As mentioned earlier, modification of N-linked oligosaccharides actually begins in the ER. The subsequent changes in sugar composition that take place as the Env proteins travel through the Golgi apparatus are similar to those experienced by typical cellular glycoproteins. These changes are extensive and often heterogeneous from one carbohydrate chain to the next. What occurs typically is a sequential removal of three of the eight remaining mannose residues (by Golgi mannosidase I), the addition of a single residue of N-acetylglucosamine (by N-acetylglucosamine transferase I), and the removal of another mannose residue (by Golgi mannosidase II). At this point, the Env protein resides in the medial compartment of the Golgi apparatus, and the modified oligosaccharides are resistant to removal by Endo H, a highly specific endoglycosidase. The conversion of a glycoprotein to the Endo-H-resistant state is readily monitored by shifts in electrophoretic mobility; however, in the case of Env glycoproteins, this type of analysis is sometimes difficult to follow due to the large number of oligosaccharides and the failure of all of them to be completely processed to an Endo-H-resistant form by the cellular modification enzymes.
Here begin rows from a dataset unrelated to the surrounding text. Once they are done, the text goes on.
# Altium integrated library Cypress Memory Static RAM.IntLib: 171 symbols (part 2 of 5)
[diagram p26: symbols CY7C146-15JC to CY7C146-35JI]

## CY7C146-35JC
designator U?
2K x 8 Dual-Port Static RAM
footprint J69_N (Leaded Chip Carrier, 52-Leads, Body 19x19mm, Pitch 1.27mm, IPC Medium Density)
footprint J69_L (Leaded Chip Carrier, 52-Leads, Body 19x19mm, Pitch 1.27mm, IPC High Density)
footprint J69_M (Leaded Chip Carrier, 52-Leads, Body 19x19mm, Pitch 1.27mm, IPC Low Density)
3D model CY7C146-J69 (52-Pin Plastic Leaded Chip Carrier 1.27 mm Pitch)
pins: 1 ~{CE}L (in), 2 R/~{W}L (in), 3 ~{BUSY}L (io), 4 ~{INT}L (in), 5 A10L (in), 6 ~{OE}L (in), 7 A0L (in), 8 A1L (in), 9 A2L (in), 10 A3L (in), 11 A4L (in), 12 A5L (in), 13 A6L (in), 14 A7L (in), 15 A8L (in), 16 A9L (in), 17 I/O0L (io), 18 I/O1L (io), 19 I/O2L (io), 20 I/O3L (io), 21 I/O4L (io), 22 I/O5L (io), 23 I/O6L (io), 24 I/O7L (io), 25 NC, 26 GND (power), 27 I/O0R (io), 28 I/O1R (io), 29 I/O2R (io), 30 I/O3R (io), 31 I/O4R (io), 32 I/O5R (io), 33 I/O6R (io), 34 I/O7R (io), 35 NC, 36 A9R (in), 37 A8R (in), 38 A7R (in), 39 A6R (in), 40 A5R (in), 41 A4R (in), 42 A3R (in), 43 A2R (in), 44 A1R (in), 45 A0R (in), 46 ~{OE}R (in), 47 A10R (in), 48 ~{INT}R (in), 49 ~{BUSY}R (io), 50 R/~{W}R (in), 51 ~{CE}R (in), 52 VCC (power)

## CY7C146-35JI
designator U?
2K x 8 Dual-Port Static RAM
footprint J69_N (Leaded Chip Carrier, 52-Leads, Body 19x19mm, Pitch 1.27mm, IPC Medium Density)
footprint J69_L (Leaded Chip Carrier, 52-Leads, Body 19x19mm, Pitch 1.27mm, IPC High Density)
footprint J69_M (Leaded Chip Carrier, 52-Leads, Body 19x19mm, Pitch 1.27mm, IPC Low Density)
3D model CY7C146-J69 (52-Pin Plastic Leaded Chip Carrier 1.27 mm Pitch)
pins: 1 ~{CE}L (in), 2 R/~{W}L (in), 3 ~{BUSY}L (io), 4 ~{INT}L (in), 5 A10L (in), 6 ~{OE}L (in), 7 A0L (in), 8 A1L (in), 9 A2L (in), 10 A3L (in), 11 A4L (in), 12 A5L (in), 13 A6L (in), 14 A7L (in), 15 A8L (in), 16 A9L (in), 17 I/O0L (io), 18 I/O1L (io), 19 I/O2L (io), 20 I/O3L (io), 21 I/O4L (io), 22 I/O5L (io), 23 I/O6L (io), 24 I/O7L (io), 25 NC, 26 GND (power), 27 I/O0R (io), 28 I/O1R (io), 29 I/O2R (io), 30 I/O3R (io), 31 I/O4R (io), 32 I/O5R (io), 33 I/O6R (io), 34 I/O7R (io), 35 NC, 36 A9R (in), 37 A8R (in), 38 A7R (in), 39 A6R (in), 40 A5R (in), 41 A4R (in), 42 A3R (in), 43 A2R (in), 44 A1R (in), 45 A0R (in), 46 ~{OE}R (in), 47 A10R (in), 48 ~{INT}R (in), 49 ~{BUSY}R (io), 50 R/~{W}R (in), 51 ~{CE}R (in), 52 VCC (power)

As the Env glycoprotein is transported further, yet another mannose is removed (by Golgi mannosidase II), leaving just three of the original nine. Subsequently, many additional sugars (N-acetylglucosamine, galactose, sialic acid, and fucose) are added while the protein is in the trans Golgi compartment. These additions are quite variable in number, further contributing to the heterogeneity of the final Env products. Thus, whereas the initial Env polyprotein (in the ER) is a relatively homogeneous species, the final products (SU and TM) invariably migrate as broad fuzzy bands when analyzed by denaturing polyacrylamide gel electrophoresis.

Both O-linked glycosylation and sulfation of Env glycoproteins have been shown to occur, but their significance is unknown. O-linked carbohydrates are typically attached to the hydroxyl group of serine and threonine residues after transport of proteins to the Golgi, and this modification has been identified within certain Env proteins including that of HIV-1 (Pinter and Honnen 1988; Bernstein et al. 1994). Sulfation has been demonstrated for the Env proteins of HIV-1, HIV-2, and simian immunodeficiency virus (SIV) (Bernstein and Compans 1992). Although sulfate is known to be added to tyrosines in some proteins, in the case of Env, it appears to be added to N-linked oligosaccharides. Removal of carbohydrate with N-glycosylase F also removes all of the sulfate from the Env protein. However, sulfate is not completely removed by treatment with Endo H, which suggests that modification takes place after the protein is transported to the Golgi apparatus, an idea supported by the finding that sulfation is inhibited by brefeldin A (Bernstein and Compans 1992), an inhibitor that blocks transport from the ER to the Golgi (Lippincott-Schwartz et al. 1989; Pelham 1991). Although sulfation increases the negative charge of the Env protein, there is no evidence at the moment to suggest that this modification is important in the replication of retroviruses.